In the summer, if I have it set at 150˚, it starts up at about 149˚ and runs up to 150˚. then it shuts off. The heat might coast up to as high as 156˚. Then it will slowly come down until it hits 149˚ again.

In the winter, If I have it set at 150˚, it starts up when it hits 149˚, but it might fall to 142˚ before the heat starts rising, because it doesn't have the balls to get it hot faster than that in the Winter. Then it will run it up to 150˚, and shut off. The heat might coast up in the Winter too, but maybe only to 152˚. Then just like in the Summer (only quicker), it will fall back to 149˚, and restart.

I don't see how a PID is gonna change much of this, but I'm done. I just thought I could get someone to not waste his money, but in the end, it is HIS money, not mine.

$63 isn't much to invest, to improve the MES, but it's a lot of money if it doesn't do diddly.

Just my unwanted 2 1/2 cents.

Bear


----------



## dick foster

Apparently you are unfamiliar with PID controllers and how they function or exactly what they do. At least that is what I am able to  from what you are saying. As I said, if what you have works for YOU and you are happy with it then there is absolutely no reason you need to do anything but that doesn't mean that what suits YOU suits everyone or that the unit he has suits him as it is now. I think perhaps you could stand a good dose of live and let. Let him decide what he needs and what he wants. It's this sort of attitude that has our government so screwed up now. Not everyone likes vanilla, some prefer chocolate and some strawberry and there is absolutely nothing at all wrong with that.


----------



## Bearcarver

Dick Foster said:


> Apparently you are unfamiliar with PID controllers and how they function or exactly what they do. At least that is what I am able to  from what you are saying. As I said, if what you have works for YOU and you are happy with it then there is absolutely no reason you need to do anything but that doesn't mean that what suits YOU suits everyone or that the unit he has suits him as it is now. I think perhaps you could stand a good dose of live and let. Let him decide what he needs and what he wants. It's this sort of attitude that has our government so screwed up now. Not everyone likes vanilla, some prefer chocolate and some strawberry and there is absolutely nothing at all wrong with that.


I don't have to know anything about PID controllers to point out that the MES digital controller works fine on it's own. The heat problems it has are from other aspects of the unit itself. Others who have MES units agree. I don't think "flyweed" has had his very long.
I explained how my MES works in different weather, in different parts of the box, when it starts, when it stops, etc. At no time did I tell him what to do. I just tried to help him understand how the MES works on it's own. I don't need any instruction or any comparing of my attitude to politics by you. When I see someone who I think may be making a mistake, and I think I can explain something to them that might keep them from making that mistake, I try to help. Anyone who can comprehend what they read, can see at the end of my last post, I was saying "I said all I can about this topic, but it's his money". So now you come around when I'm through trying to help, and want to scold me for trying to help. When you help as many people on this forum as I have, let me know.


----------



## dick foster

Then maybe you need to work on your language some because it sure sounded that way to me. Basically, I don't know what it is or how it works and don't need to know to know that you don't need it. LOL I'm not tying to scold anyone, just pointing out how silly it sounded.

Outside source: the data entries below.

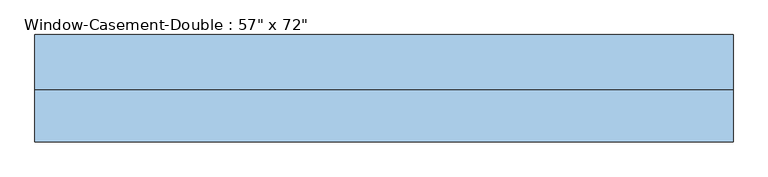
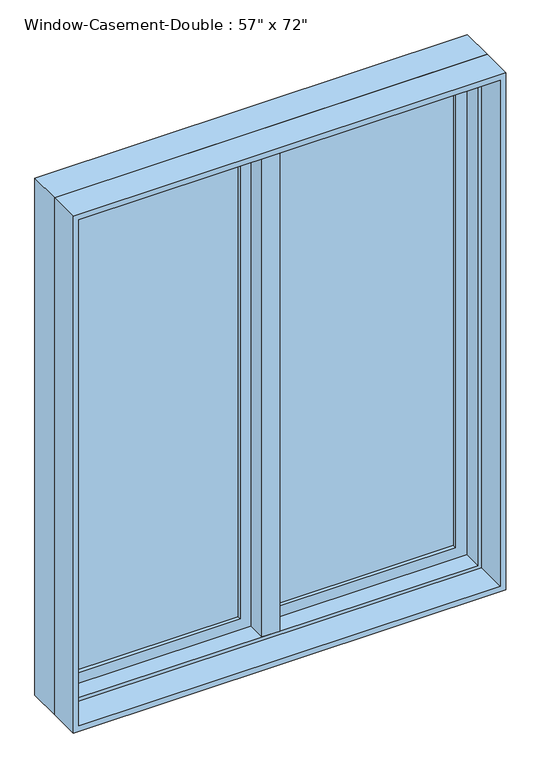
"""IFC4 building model written with IfcOpenShell, lengths in millimetres: window geometry."""

from ifc_helpers import new_model, si_unit, frame, origin, place, context, project, spatial, polyline, outline, extrude, faceted_brep, source, transform, mapped, element, save


def window_c580ef63(model_context):
    return source(origin(), model_context, "Body", "SolidModel", [
        faceted_brep([(9.525, 120.65, 2730.5), (-9.525, 120.65, 2730.5), (-9.525, 69.85, 2730.5), (9.525, 69.85, 2730.5), (9.525, 120.65, 927.1), (9.525, 69.85, 927.1), (-9.525, 69.85, 927.1), (-9.525, 120.65, 927.1), (-9.525, 69.85, 946.15), (-9.525, 69.85, 2711.45), (-30.1625, 69.85, 946.15), (-30.1625, 69.85, 2711.45), (-30.1625, 6.35, 946.15), (-30.1625, 6.35, 2711.45), (30.1625, 6.35, 946.15), (30.1625, 6.35, 2711.45), (30.1625, 69.85, 946.15), (30.1625, 69.85, 2711.45), (9.525, 69.85, 946.15), (9.525, 69.85, 2711.45)], [[[0, 1, 2, 3]], [[4, 5, 6, 7]], [[1, 0, 4, 7]], [[2, 1, 7, 6, 8, 9]], [[9, 8, 10, 11]], [[11, 10, 12, 13]], [[13, 12, 14, 15]], [[15, 14, 16, 17]], [[17, 16, 18, 19]], [[0, 3, 19, 18, 5, 4]], [[18, 8, 6, 5]], [[9, 19, 3, 2]], [[8, 18, 16, 14, 12, 10]], [[19, 9, 11, 13, 15, 17]]]),
        extrude(outline(polyline([(-66.675, 101.6), (-66.675, 95.25), (-654.05, 95.25), (-654.05, 101.6), (-66.675, 101.6)])), frame((0.0, 0.0, 984.25), z_axis=(0.0, 0.0, 1.0), x_axis=(1.0, 0.0, 0.0)), (0.0, 0.0, 1.0), 1689.1),
        extrude(outline(polyline([(-654.05, 82.55), (-654.05, 88.9), (-66.675, 88.9), (-66.675, 82.55), (-654.05, 82.55)])), frame((0.0, 0.0, 984.25), z_axis=(0.0, 0.0, 1.0), x_axis=(1.0, 0.0, 0.0)), (0.0, 0.0, 1.0), 1689.1),
        extrude(outline(polyline([(654.05, 101.6), (654.05, 95.25), (66.675, 95.25), (66.675, 101.6), (654.05, 101.6)])), frame((0.0, 0.0, 984.25), z_axis=(0.0, 0.0, 1.0), x_axis=(1.0, 0.0, 0.0)), (0.0, 0.0, 1.0), 1689.1),
        extrude(outline(polyline([(66.675, 82.55), (66.675, 88.9), (654.05, 88.9), (654.05, 82.55), (66.675, 82.55)])), frame((0.0, 0.0, 984.25), z_axis=(0.0, 0.0, 1.0), x_axis=(1.0, 0.0, 0.0)), (0.0, 0.0, 1.0), 1689.1),
        extrude(outline(polyline([(2730.5, -711.2), (927.1, -711.2), (927.1, -9.525), (2730.5, -9.525), (2730.5, -711.2)]), holes=[polyline([(2673.35, -66.675), (984.25, -66.675), (984.25, -654.05), (2673.35, -654.05), (2673.35, -66.675)])]), frame((0.0, 69.85, 0.0), z_axis=(0.0, 1.0, 0.0), x_axis=(0.0, 0.0, 1.0)), (0.0, 0.0, 1.0), 44.45),
        extrude(outline(polyline([(927.1, 711.2), (2730.5, 711.2), (2730.5, 9.525), (927.1, 9.525), (927.1, 711.2)]), holes=[polyline([(984.25, 66.675), (2673.35, 66.675), (2673.35, 654.05), (984.25, 654.05), (984.25, 66.675)])]), frame((0.0, 69.85, 0.0), z_axis=(0.0, 1.0, 0.0), x_axis=(0.0, 0.0, 1.0)), (0.0, 0.0, 1.0), 44.45),
        extrude(outline(polyline([(2743.2, -723.9), (914.4, -723.9), (914.4, 723.9), (2743.2, 723.9), (2743.2, -723.9)]), holes=[polyline([(2724.15, 704.85), (933.45, 704.85), (933.45, -704.85), (2724.15, -704.85), (2724.15, 704.85)])]), frame((0.0, -101.6, 0.0), z_axis=(0.0, 1.0, 0.0), x_axis=(0.0, 0.0, 1.0)), (0.0, 0.0, 1.0), 107.95),
        faceted_brep([(692.15, 69.85, 2711.45), (692.15, 6.35, 2711.45), (-692.15, 6.35, 2711.45), (-692.15, 69.85, 2711.45), (711.2, 120.65, 2730.5), (711.2, 69.85, 2730.5), (-711.2, 69.85, 2730.5), (-711.2, 120.65, 2730.5), (723.9, 6.35, 2743.2), (723.9, 120.65, 2743.2), (-723.9, 120.65, 2743.2), (-723.9, 6.35, 2743.2), (-692.15, 6.35, 946.15), (-692.15, 69.85, 946.15), (-711.2, 69.85, 927.1), (-711.2, 120.65, 927.1), (-723.9, 120.65, 914.4), (-723.9, 6.35, 914.4), (692.15, 6.35, 946.15), (692.15, 69.85, 946.15), (711.2, 69.85, 927.1), (711.2, 120.65, 927.1), (723.9, 120.65, 914.4), (723.9, 6.35, 914.4)], [[[0, 1, 2, 3]], [[4, 5, 6, 7]], [[8, 9, 10, 11]], [[3, 2, 12, 13]], [[7, 6, 14, 15]], [[11, 10, 16, 17]], [[13, 12, 18, 19]], [[15, 14, 20, 21]], [[17, 16, 22, 23]], [[11, 17, 23, 8], [1, 18, 12, 2]], [[19, 18, 1, 0]], [[5, 20, 14, 6], [3, 13, 19, 0]], [[21, 20, 5, 4]], [[23, 22, 9, 8]], [[9, 22, 16, 10], [7, 15, 21, 4]]]),
    ])


if __name__ == "__main__":
    model = new_model("IFC4")
    model_context = context("Model", 3, world=origin())
    ifc_project = project(units=[si_unit("LENGTHUNIT", "METRE", prefix="MILLI")], contexts=[model_context])
    site = spatial("IfcSite", under=ifc_project)
    building = spatial("IfcBuilding", under=site)
    placement = place(None, origin())
    window_shape = window_c580ef63(model_context)
    element("IfcWindow", 1, ObjectType="Window-Casement-Double : 57\" x 72\"", at=placement, inside=building, context=model_context, shape_type="MappedRepresentation", body=[
        mapped(window_shape, transform((0.0, 0.0, 0.0), x_axis=(1.0, 0.0, 0.0), y_axis=(0.0, 1.0, 0.0), z_axis=(0.0, 0.0, 1.0))),
    ])
    save(model, "model.ifc")

# Revit data of these elements
# Type "Window-Casement-Double : 57\" x 72\""
#   Type Mark = "62"
#   Fire Rating = "0.5h"
#   Assembly Code = "B2020100"
#   Analytic Construction = "Double glazing - domestic"
#   Frame Extension [instance default] = 0' - 0 1/4"
#   Window Inset [instance default] = 0' - 0"
#   Wall Thickness [instance default] = 0' - 6"
#   Interior Wall Closure [instance default] = 0' - 2 1/4"
#   Half Width = 2' - 4 1/2"
#   Visual Light Transmittance = 0.81
#   Thermal Resistance (R) = 1.8146 (h·ft²·°F)/BTU
#   Solar Heat Gain Coefficient = 0.76
#   Rough Width = 4' - 9 1/2"
#   Rough Height = 6' - 0 1/2"
#   Height = 6' - 0"
#   Heat Transfer Coefficient (U) = 0.5511 BTU/(h·ft²·°F)
#   Exterior Wall Closure [instance default] = 0' - 1 1/4"
#   Extension Jamb [instance default] = 0' - 2 1/4"
#   Default Sill Height = 3' - 0"
#   Width = 4' - 9"
#   Define Thermal Properties by = 0
#   Muntin Visibility = yes
#   Interior Trim Visibility [instance default] = yes
#   Exterior Trim Visibility [instance default] = yes
#   Extension Jamb Visibility [instance default] = yes
#   Interior Trim Material = Wood - Stained
#   Muntin Pattern = Muntin Pattern_2x2 : Muntin Pattern_2x2
#   Interior Trim = Trim-Window-Interior-Flat : Picture Frame
#   Interior Frame Material = Wood - Stained
#   Glass Panel Material = Glass
#   Exterior Trim Material = Clad - White
#   Exterior Trim = Trim-Window-Exterior-Flat : with Sill
#   Exterior Frame Material = Clad - White
#   Wall Closure = (empty or 0)
# Element 1 (IfcWindow, "Window-Casement-Double : 57\" x 72\"")
#   Wall Thickness = 0' - 8"
#   Extension Jamb = 0' - 4 1/4"
#   Materials on its faces: "Wood - Stained", "Glass", "Clad - White"
# Materials
#   "Wood - Stained": class "Wood", colour RGB 224 178 126, transparency 0, Cost = 0
#   "Glass": class "Glass", colour RGB 236 240 239, transparency 0.5, Description = "Soda Lime Glass", Cost = 0
#   "Clad - White": class "Wood", colour RGB 216 216 204, transparency 0, Cost = 0

I too would like to help people do what they want to do but I sure won't be pretending to know it all or trying to tell them what they want. The man clearly said that the was unhappy with the way it is now and finds it unacceptable so he wants to attempt to fix it with a better controller. On that I offered my assistance and showed him that he didn't have to spend $250 to give it a shot. 

As someone who has had some back ground in closed loop control systems, including everything from frequency synthesizers, autopilots and electro/mechanical servo systems I can tell you from experience that PID control loops do a much better job of regulation and control than the typical primitive on/off type of system. One is proactive and somewhat predictive in its behavior while the other is purely reactive.  

Who knows, if he gets it done and finds that it's the greatest thing since sliced bread, you may even wind up wanting one too.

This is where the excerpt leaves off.